Brief. Find the string "name" in the entries and copy each line that has it.

Supplied records.
※ ※ ※

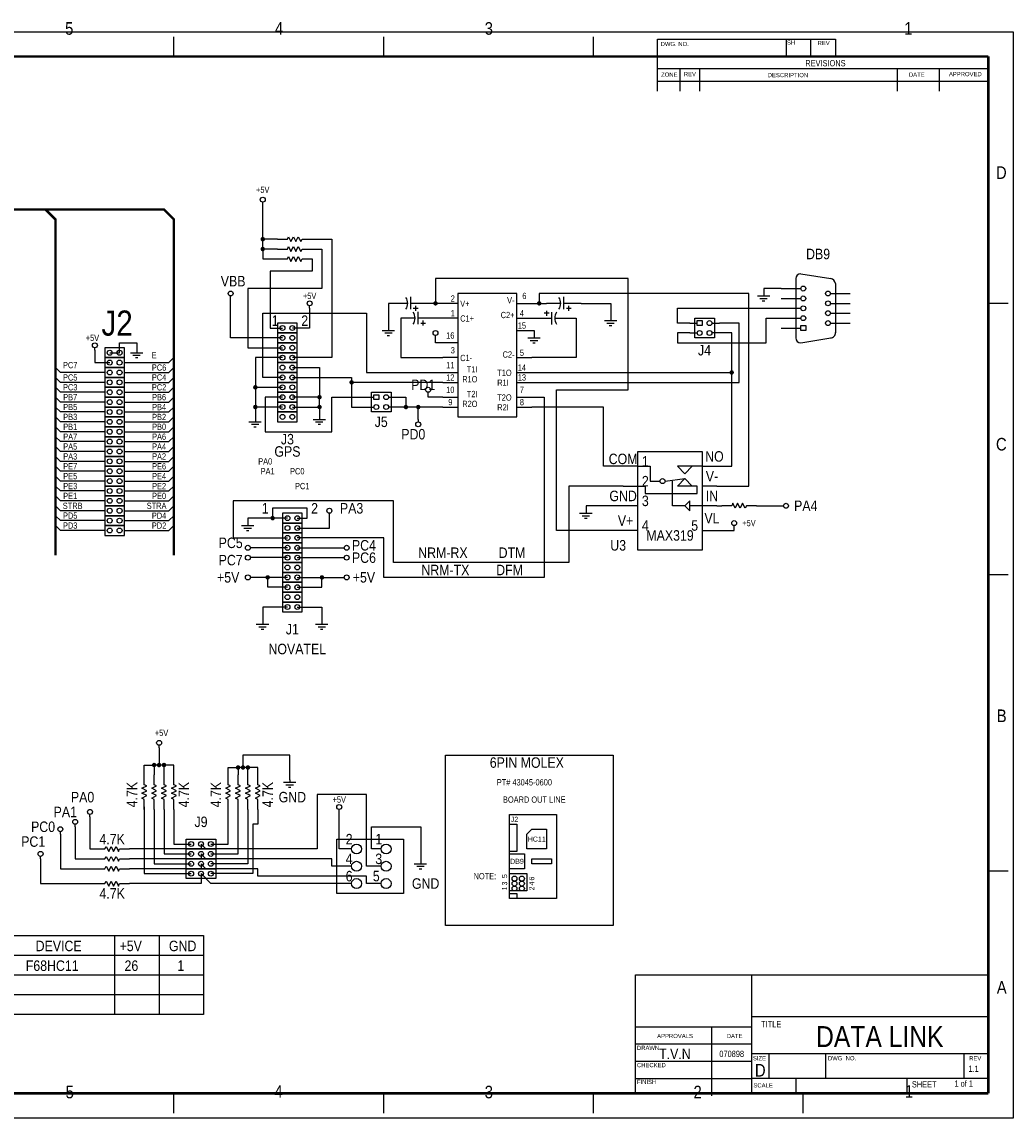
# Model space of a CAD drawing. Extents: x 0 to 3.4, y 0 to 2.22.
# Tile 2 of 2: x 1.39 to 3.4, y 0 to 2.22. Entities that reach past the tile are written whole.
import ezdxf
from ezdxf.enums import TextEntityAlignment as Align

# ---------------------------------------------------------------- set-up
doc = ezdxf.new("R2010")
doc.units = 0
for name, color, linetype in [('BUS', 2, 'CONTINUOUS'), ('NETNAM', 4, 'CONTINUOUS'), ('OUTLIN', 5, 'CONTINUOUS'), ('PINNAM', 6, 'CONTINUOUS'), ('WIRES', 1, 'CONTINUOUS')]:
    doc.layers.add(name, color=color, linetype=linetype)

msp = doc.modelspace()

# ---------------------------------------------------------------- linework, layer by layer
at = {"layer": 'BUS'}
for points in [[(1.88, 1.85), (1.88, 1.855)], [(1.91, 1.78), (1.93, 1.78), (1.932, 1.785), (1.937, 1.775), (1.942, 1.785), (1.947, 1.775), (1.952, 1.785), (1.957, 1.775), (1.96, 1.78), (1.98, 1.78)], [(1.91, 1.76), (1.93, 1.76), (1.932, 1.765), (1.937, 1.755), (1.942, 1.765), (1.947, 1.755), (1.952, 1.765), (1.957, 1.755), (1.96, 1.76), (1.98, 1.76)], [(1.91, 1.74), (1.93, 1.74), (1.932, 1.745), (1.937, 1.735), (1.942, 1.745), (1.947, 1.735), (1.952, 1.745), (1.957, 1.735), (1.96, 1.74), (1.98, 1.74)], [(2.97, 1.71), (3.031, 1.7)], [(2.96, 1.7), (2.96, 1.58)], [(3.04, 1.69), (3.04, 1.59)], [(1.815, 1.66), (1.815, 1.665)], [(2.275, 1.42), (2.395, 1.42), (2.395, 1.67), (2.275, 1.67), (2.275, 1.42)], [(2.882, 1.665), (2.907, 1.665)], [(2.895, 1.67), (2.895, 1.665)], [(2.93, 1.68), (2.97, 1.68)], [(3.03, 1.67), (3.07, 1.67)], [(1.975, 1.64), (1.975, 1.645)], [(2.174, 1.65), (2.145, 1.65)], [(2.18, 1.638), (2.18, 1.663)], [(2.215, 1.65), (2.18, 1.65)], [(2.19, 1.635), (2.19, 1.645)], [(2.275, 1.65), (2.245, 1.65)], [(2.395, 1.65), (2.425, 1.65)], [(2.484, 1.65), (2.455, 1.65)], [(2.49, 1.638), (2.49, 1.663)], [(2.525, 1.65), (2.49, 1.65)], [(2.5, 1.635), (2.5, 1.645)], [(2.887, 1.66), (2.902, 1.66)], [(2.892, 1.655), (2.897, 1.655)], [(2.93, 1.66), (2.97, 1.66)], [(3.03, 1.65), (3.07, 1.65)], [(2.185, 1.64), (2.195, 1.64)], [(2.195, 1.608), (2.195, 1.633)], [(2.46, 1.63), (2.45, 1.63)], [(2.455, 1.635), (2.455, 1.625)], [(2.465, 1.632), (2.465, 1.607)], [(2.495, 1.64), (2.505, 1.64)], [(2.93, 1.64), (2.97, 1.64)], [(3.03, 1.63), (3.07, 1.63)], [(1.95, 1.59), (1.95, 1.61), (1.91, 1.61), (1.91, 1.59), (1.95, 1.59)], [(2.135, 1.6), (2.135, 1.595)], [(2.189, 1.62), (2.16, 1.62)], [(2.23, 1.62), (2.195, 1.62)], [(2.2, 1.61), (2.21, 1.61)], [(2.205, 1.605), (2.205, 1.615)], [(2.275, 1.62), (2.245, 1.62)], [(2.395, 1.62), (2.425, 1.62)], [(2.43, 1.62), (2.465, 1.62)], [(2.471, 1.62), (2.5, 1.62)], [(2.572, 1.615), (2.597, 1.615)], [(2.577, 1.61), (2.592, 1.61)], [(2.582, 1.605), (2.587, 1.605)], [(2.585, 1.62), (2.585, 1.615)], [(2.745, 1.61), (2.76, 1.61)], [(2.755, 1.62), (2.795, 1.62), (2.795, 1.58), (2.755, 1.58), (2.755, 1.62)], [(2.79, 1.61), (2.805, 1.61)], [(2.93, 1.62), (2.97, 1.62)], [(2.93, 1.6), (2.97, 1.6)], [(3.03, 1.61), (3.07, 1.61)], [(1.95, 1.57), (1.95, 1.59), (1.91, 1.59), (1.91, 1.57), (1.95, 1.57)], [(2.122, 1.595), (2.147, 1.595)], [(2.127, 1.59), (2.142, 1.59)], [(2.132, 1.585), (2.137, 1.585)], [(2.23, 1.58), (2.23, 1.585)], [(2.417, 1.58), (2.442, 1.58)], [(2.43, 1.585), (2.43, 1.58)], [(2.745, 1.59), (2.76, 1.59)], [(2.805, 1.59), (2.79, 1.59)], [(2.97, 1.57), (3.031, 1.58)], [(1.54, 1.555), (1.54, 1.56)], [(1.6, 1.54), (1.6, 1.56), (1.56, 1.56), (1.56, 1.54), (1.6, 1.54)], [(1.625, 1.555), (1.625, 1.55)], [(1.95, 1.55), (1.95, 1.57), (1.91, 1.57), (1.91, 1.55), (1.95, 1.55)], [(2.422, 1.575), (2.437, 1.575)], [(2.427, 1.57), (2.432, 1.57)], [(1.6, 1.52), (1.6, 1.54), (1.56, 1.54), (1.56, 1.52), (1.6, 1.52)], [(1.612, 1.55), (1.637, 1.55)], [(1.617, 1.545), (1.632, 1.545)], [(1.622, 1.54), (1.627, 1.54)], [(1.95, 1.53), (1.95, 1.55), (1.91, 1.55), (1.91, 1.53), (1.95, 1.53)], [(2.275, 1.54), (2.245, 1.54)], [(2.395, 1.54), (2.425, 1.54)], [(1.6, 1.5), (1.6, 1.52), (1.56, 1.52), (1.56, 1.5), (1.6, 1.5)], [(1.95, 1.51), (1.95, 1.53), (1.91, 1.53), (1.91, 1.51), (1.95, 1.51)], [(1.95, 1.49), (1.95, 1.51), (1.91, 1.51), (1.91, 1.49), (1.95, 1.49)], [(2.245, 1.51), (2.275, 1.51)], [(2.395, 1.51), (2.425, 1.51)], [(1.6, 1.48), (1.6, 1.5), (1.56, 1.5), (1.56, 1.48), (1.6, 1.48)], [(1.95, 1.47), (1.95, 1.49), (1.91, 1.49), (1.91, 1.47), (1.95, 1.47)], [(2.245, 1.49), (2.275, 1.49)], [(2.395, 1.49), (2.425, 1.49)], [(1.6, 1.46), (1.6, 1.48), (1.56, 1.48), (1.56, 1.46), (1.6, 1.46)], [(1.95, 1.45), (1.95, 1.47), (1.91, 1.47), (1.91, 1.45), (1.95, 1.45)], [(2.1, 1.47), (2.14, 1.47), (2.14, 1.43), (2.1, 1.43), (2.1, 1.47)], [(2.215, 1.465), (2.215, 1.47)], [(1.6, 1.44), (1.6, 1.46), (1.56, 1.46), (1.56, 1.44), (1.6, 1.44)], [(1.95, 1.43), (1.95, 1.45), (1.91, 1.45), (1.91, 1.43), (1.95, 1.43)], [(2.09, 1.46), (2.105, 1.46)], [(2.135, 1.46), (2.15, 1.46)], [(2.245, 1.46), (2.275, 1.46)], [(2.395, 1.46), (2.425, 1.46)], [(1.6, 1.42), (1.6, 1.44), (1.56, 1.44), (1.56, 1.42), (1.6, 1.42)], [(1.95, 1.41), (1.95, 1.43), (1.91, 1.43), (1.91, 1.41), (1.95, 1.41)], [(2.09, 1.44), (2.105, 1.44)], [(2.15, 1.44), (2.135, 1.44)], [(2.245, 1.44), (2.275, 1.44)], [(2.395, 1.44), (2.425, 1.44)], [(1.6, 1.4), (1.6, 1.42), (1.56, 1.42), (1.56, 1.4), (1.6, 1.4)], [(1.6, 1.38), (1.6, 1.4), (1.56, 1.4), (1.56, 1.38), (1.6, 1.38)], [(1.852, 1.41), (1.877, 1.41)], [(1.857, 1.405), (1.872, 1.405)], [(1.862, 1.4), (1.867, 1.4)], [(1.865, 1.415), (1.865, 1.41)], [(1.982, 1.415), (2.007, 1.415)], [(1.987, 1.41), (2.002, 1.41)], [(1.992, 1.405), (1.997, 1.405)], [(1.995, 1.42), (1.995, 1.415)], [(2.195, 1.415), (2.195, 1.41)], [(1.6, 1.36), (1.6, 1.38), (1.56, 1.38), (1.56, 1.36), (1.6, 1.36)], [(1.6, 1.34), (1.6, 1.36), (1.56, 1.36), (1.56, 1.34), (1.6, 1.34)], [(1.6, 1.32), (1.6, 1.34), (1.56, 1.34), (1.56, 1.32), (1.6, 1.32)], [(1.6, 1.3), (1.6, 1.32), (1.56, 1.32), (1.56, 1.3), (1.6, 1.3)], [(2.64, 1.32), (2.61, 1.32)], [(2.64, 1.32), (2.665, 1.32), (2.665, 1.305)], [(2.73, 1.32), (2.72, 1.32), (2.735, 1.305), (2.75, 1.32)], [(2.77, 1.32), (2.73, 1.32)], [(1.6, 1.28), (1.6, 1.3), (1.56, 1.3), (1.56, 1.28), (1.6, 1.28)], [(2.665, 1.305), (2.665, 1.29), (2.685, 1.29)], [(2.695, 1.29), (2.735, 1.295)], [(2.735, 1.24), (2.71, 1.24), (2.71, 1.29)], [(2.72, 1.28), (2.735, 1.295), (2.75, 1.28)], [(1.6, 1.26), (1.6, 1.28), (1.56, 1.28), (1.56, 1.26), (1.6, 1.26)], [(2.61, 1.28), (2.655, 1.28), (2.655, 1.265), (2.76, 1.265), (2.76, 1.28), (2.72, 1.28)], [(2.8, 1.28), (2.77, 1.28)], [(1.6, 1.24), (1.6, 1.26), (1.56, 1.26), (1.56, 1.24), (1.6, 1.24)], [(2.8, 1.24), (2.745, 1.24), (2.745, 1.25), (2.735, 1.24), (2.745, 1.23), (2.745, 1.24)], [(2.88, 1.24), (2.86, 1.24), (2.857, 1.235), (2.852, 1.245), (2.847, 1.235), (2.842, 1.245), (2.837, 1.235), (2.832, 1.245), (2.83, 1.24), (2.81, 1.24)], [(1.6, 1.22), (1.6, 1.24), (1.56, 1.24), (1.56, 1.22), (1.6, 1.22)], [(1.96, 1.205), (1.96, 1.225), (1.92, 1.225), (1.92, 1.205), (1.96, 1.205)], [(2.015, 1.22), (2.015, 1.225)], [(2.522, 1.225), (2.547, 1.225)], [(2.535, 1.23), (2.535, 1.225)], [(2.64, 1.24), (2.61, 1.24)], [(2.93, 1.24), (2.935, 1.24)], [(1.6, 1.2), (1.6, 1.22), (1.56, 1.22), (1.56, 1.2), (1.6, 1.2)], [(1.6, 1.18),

※ ※ ※

Task response.
for name, color, linetype in [('BUS', 2, 'CONTINUOUS'), ('NETNAM', 4, 'CONTINUOUS'), ('OUTLIN', 5, 'CONTINUOUS'), ('PINNAM', 6, 'CONTINUOUS'), ('WIRES', 1, 'CONTINUOUS')]:
    doc.layers.add(name, color=color, linetype=linetype)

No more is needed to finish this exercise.